***** RECORDS PROVIDED

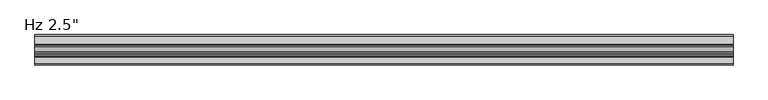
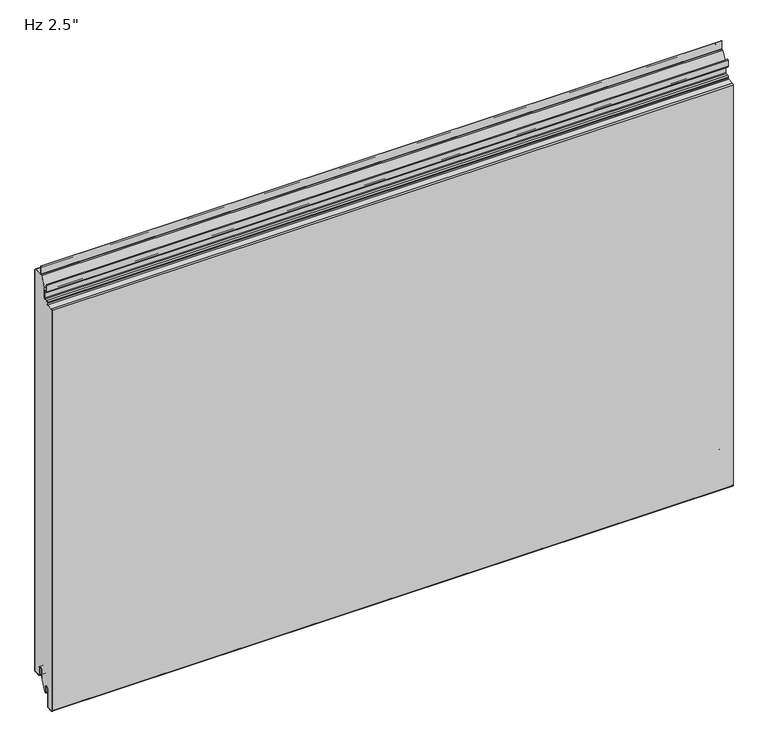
"""IFC4 building model written with IfcOpenShell, lengths in millimetres: plate geometry."""

from ifc_helpers import new_model, si_unit, point, frame, frame_2d, origin, place, context, project, spatial, polyline, circle_curve, ellipse_curve, trimmed, segment, composite_curve, outline, extrude, source, transform, mapped, element, save
from ifc_brep_helpers import plane_surface, cylinder_surface, revolved_surface, extruded_surface, advanced_brep


def plate_47ceeb69(model_context):
    return source(origin(), model_context, "Body", "SolidModel", [
        extrude(outline(composite_curve([segment(trimmed(circle_curve(frame_2d((-21.43125, 19.05)), 4.96875), [point((-16.4625, 19.05))], [point((-26.4, 19.05))], True, "CARTESIAN"), True, "CONTINUOUS"), segment(polyline([(-26.4, 19.05), (-26.4, -3.1323422), (-36.5326309, -23.01875), (-38.1, -23.01875), (-38.1, -13.5080174), (-38.89375, -13.5080174), (-38.6875, -11.9205174)]), True, "CONTINUOUS"), segment(trimmed(circle_curve(frame_2d((-43.65625, -11.9205174)), 4.96875), [point((-38.6875, -11.9205174))], [point((-48.625, -11.9205174))], True, "CARTESIAN"), True, "CONTINUOUS"), segment(polyline([(-48.625, -11.9205174), (-48.625, -50.1038221)]), True, "CONTINUOUS"), segment(trimmed(circle_curve(frame_2d((-50.00625, -50.1038221)), 1.38125), [point((-48.625, -50.1038221))], [point((-49.933961, -51.4831791))], False, "CARTESIAN"), True, "CONTINUOUS"), segment(polyline([(-49.933961, -51.4831791), (-61.046461, -52.0655606)]), True, "CONTINUOUS"), segment(trimmed(circle_curve(frame_2d((-61.11875, -50.6862035)), 1.38125), [point((-61.046461, -52.0655606))], [point((-62.5, -50.6862035))], False, "CARTESIAN"), True, "CONTINUOUS"), segment(polyline([(-62.5, -50.6862035), (-62.5, 857.3572607)]), True, "CONTINUOUS"), segment(trimmed(circle_curve(frame_2d((-61.11875, 857.3572607)), 1.38125), [point((-62.5, 857.3572607))], [point((-61.191039, 858.7366177))], False, "CARTESIAN"), True, "CONTINUOUS"), segment(polyline([(-61.191039, 858.7366177), (-47.4895807, 859.4546807)]), True, "CONTINUOUS"), segment(trimmed(circle_curve(frame_2d((-47.625, 862.0386347)), 2.5875), [point((-47.4895807, 859.4546807))], [point((-45.0375, 862.0386347))], True, "CARTESIAN"), True, "CONTINUOUS"), segment(polyline([(-45.0375, 862.0386347), (-45.0375, 865.0824411)]), True, "CONTINUOUS"), segment(trimmed(circle_curve(frame_2d((-43.65625, 865.0824411)), 1.38125), [point((-45.0375, 865.0824411))], [point((-43.728539, 866.4617981))], False, "CARTESIAN"), True, "CONTINUOUS"), segment(polyline([(-43.728539, 866.4617981), (-37.9645807, 866.7638744)]), True, "CONTINUOUS"), segment(trimmed(circle_curve(frame_2d((-38.1, 869.3478283)), 2.5875), [point((-37.9645807, 866.7638744))], [point((-35.5125, 869.3478283))], True, "CARTESIAN"), True, "CONTINUOUS"), segment(polyline([(-35.5125, 869.3478283), (-35.5125, 891.7892934), (-24.9057308, 912.60625), (-2.38125, 912.60625)]), True, "CONTINUOUS"), segment(trimmed(circle_curve(frame_2d((-2.38125, 911.225)), 1.38125), [point((-2.38125, 912.60625))], [point((-1.0, 911.225))], False, "CARTESIAN"), True, "CONTINUOUS"), segment(polyline([(-1.0, 911.225), (-1.0, 3.175)]), True, "CONTINUOUS"), segment(trimmed(circle_curve(frame_2d((-2.38125, 3.175)), 1.38125), [point((-1.0, 3.175))], [point((-2.38125, 1.79375))], False, "CARTESIAN"), True, "CONTINUOUS"), segment(polyline([(-2.38125, 1.79375), (-15.08125, 1.79375)]), True, "CONTINUOUS"), segment(trimmed(circle_curve(frame_2d((-15.08125, 3.175)), 1.38125), [point((-15.08125, 1.79375))], [point((-16.4625, 3.175))], False, "CARTESIAN"), True, "CONTINUOUS"), segment(polyline([(-16.4625, 3.175), (-16.4625, 19.05)]), True, "CONTINUOUS")], self_intersect=False)), frame((-730.0, 0.0, 0.0), z_axis=(1.0, 0.0, 0.0), x_axis=(0.0, 1.0, 0.0)), (0.0, 0.0, 1.0), 1460.0),
        extrude(outline(composite_curve([segment(polyline([(-25.4, 0.79375), (-26.4, 0.79375), (-26.4, 19.05)]), True, "CONTINUOUS"), segment(trimmed(circle_curve(frame_2d((-21.43125, 19.05)), 4.96875), [point((-26.4, 19.05))], [point((-16.4625, 19.05))], False, "CARTESIAN"), True, "CONTINUOUS"), segment(polyline([(-16.4625, 19.05), (-16.4625, 3.175)]), True, "CONTINUOUS"), segment(trimmed(circle_curve(frame_2d((-15.08125, 3.175)), 1.38125), [point((-16.4625, 3.175))], [point((-15.08125, 1.79375))], True, "CARTESIAN"), True, "CONTINUOUS"), segment(polyline([(-15.08125, 1.79375), (-2.38125, 1.79375)]), True, "CONTINUOUS"), segment(trimmed(circle_curve(frame_2d((-2.38125, 3.175)), 1.38125), [point((-2.38125, 1.79375))], [point((-1.0, 3.175))], True, "CARTESIAN"), True, "CONTINUOUS"), segment(polyline([(-1.0, 3.175), (-1.0, 911.225)]), True, "CONTINUOUS"), segment(trimmed(circle_curve(frame_2d((-2.38125, 911.225)), 1.38125), [point((-1.0, 911.225))], [point((-2.38125, 912.60625))], True, "CARTESIAN"), True, "CONTINUOUS"), segment(polyline([(-2.38125, 912.60625), (-19.446875, 912.60625)]), True, "CONTINUOUS"), segment(trimmed(circle_curve(frame_2d((-19.446875, 915.19375)), 2.5875), [point((-19.446875, 912.60625))], [point((-22.034375, 915.19375))], False, "CARTESIAN"), True, "CONTINUOUS"), segment(polyline([(-22.034375, 915.19375), (-22.034375, 932.65625), (-21.034375, 932.65625), (-21.034375, 915.19375)]), True, "CONTINUOUS"), segment(trimmed(circle_curve(frame_2d((-19.446875, 915.19375)), 1.5875), [point((-21.034375, 915.19375))], [point((-19.446875, 913.60625))], True, "CARTESIAN"), True, "CONTINUOUS"), segment(polyline([(-19.446875, 913.60625), (-2.38125, 913.60625)]), True, "CONTINUOUS"), segment(trimmed(circle_curve(frame_2d((-2.38125, 911.225)), 2.38125), [point((-2.38125, 913.60625))], [point((0.0, 911.225))], False, "CARTESIAN"), True, "CONTINUOUS"), segment(polyline([(0.0, 911.225), (0.0, 3.175)]), True, "CONTINUOUS"), segment(trimmed(circle_curve(frame_2d((-2.38125, 3.175)), 2.38125), [point((0.0, 3.175))], [point((-2.38125, 0.79375))], False, "CARTESIAN"), True, "CONTINUOUS"), segment(polyline([(-2.38125, 0.79375), (-15.08125, 0.79375)]), True, "CONTINUOUS"), segment(trimmed(circle_curve(frame_2d((-15.08125, 3.175)), 2.38125), [point((-15.08125, 0.79375))], [point((-17.4625, 3.175))], False, "CARTESIAN"), True, "CONTINUOUS"), segment(polyline([(-17.4625, 3.175), (-17.4625, 19.05)]), True, "CONTINUOUS"), segment(trimmed(circle_curve(frame_2d((-21.43125, 19.05)), 3.96875), [point((-17.4625, 19.05))], [point((-25.4, 19.05))], True, "CARTESIAN"), True, "CONTINUOUS"), segment(polyline([(-25.4, 19.05), (-25.4, 0.79375)]), True, "CONTINUOUS")], self_intersect=False)), frame((-730.0, 0.0, 0.0), z_axis=(1.0, 0.0, 0.0), x_axis=(0.0, 1.0, 0.0)), (0.0, 0.0, 1.0), 1460.0),
        advanced_brep(
        [(-730.0, -38.1, -23.2314549), (-730.0, -39.6875, -23.2314549), (-730.0, -39.6875, -11.9205174), (-730.0, -47.625, -11.9205174), (-730.0, -47.625, -50.1038221), (-730.0, -49.881625, -52.4818086), (-730.0, -60.994125, -53.0641901), (-730.0, -63.5, -50.6862035), (-730.0, -63.5, 857.3572607), (-730.0, -61.243375, 859.7352473), (-730.0, -47.5419167, 860.4533103), (-730.0, -46.0375, 862.0386347), (-730.0, -46.0375, 865.0824411), (-730.0, -43.780875, 867.4604276), (-730.0, -38.0169167, 867.7625039), (-730.0, -36.5125, 869.3478283), (-730.0, -36.5125, 884.2232326), (-730.0, -38.1, 885.8107326), (-730.0, -42.2671875, 885.8107326), (-730.0, -44.6484375, 888.1919826), (-730.0, -44.6484375, 902.6836032), (-730.0, -42.8546875, 902.6836032), (-730.0, -42.8546875, 892.9544826), (-730.0, -43.6484375, 892.9544826), (-730.0, -43.6484375, 888.1919826), (-730.0, -42.2671875, 886.8107326), (-730.0, -38.1, 886.8107326), (-730.0, -35.5125, 884.2232326), (-730.0, -35.5125, 869.3478283), (-730.0, -37.9645807, 866.7638744), (-730.0, -43.728539, 866.4617981), (-730.0, -45.0375, 865.0824411), (-730.0, -45.0375, 862.0386347), (-730.0, -47.4895807, 859.4546807), (-730.0, -61.191039, 858.7366177), (-730.0, -62.5, 857.3572607), (-730.0, -62.5, -50.6862035), (-730.0, -61.046461, -52.0655606), (-730.0, -49.933961, -51.4831791), (-730.0, -48.625, -50.1038221), (-730.0, -48.625, -11.9205174), (-730.0, -38.6875, -11.9205174), (-730.0, -38.89375, -13.5080174), (-730.0, -38.1, -13.5080174), (730.0, -38.1, -23.2314549), (730.0, -38.1, -13.5080174), (730.0, -38.89375, -13.5080174), (730.0, -38.6875, -11.9205174), (730.0, -48.625, -11.9205174), (730.0, -48.625, -50.1038221), (730.0, -49.933961, -51.4831791), (730.0, -61.046461, -52.0655606), (730.0, -62.5, -50.6862035), (730.0, -62.5, 857.3572607), (730.0, -61.191039, 858.7366177), (730.0, -47.4895807, 859.4546807), (730.0, -45.0375, 862.0386347), (730.0, -45.0375, 865.0824411), (730.0, -43.728539, 866.4617981), (730.0, -37.9645807, 866.7638744), (730.0, -35.5125, 869.3478283), (730.0, -35.5125, 884.2232326), (730.0, -38.1, 886.8107326), (730.0, -42.2671875, 886.8107326), (730.0, -43.6484375, 888.1919826), (730.0, -43.6484375, 892.9544826), (730.0, -42.8546875, 892.9544826), (730.0, -42.8546875, 902.6836032), (730.0, -44.6484375, 902.6836032), (730.0, -44.6484375, 888.1919826), (730.0, -42.2671875, 885.8107326), (730.0, -38.1, 885.8107326), (730.0, -36.5125, 884.2232326), (730.0, -36.5125, 869.3478283), (730.0, -38.0169167, 867.7625039), (730.0, -43.780875, 867.4604276), (730.0, -46.0375, 865.0824411), (730.0, -46.0375, 862.0386347), (730.0, -47.5419167, 860.4533103), (730.0, -61.243375, 859.7352473), (730.0, -63.5, 857.3572607), (730.0, -63.5, -50.6862035), (730.0, -60.994125, -53.0641901), (730.0, -49.881625, -52.4818086), (730.0, -47.625, -50.1038221), (730.0, -47.625, -11.9205174), (730.0, -39.6875, -11.9205174), (730.0, -39.6875, -23.2314549)],
        [
            (0, 1, circle_curve(frame((-730.0, -38.89375, -23.2314549), z_axis=(-1.0, 0.0, 0.0), x_axis=(0.0, 0.0, 1.0)), 0.79375)),
            (1, 2),
            (2, 3, circle_curve(frame((-730.0, -43.65625, -11.9205174), z_axis=(1.0, 0.0, 0.0), x_axis=(0.0, 0.0, 1.0)), 3.96875)),
            (3, 4),
            (4, 5, circle_curve(frame((-730.0, -50.00625, -50.1038221), z_axis=(-1.0, 0.0, 0.0), x_axis=(0.0, 0.0, 1.0)), 2.38125)),
            (5, 6),
            (6, 7, circle_curve(frame((-730.0, -61.11875, -50.6862035), z_axis=(-1.0, 0.0, 0.0), x_axis=(0.0, 0.0, 1.0)), 2.38125)),
            (7, 8),
            (8, 9, circle_curve(frame((-730.0, -61.11875, 857.3572607), z_axis=(-1.0, 0.0, 0.0), x_axis=(0.0, 0.0, 1.0)), 2.38125)),
            (9, 10),
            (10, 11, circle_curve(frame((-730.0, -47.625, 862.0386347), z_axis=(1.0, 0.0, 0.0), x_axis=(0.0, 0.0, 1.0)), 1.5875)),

**********

▶ WORK INSTRUCTION
Whenever a line in the records contains the word "from", copy that line.

▶ TASK OUTPUT
from ifc_helpers import new_model, si_unit, point, frame, frame_2d, origin, place, context, project, spatial, polyline, circle_curve, ellipse_curve, trimmed, segment, composite_curve, outline, extrude, source, transform, mapped, element, save
from ifc_brep_helpers import plane_surface, cylinder_surface, revolved_surface, extruded_surface, advanced_brep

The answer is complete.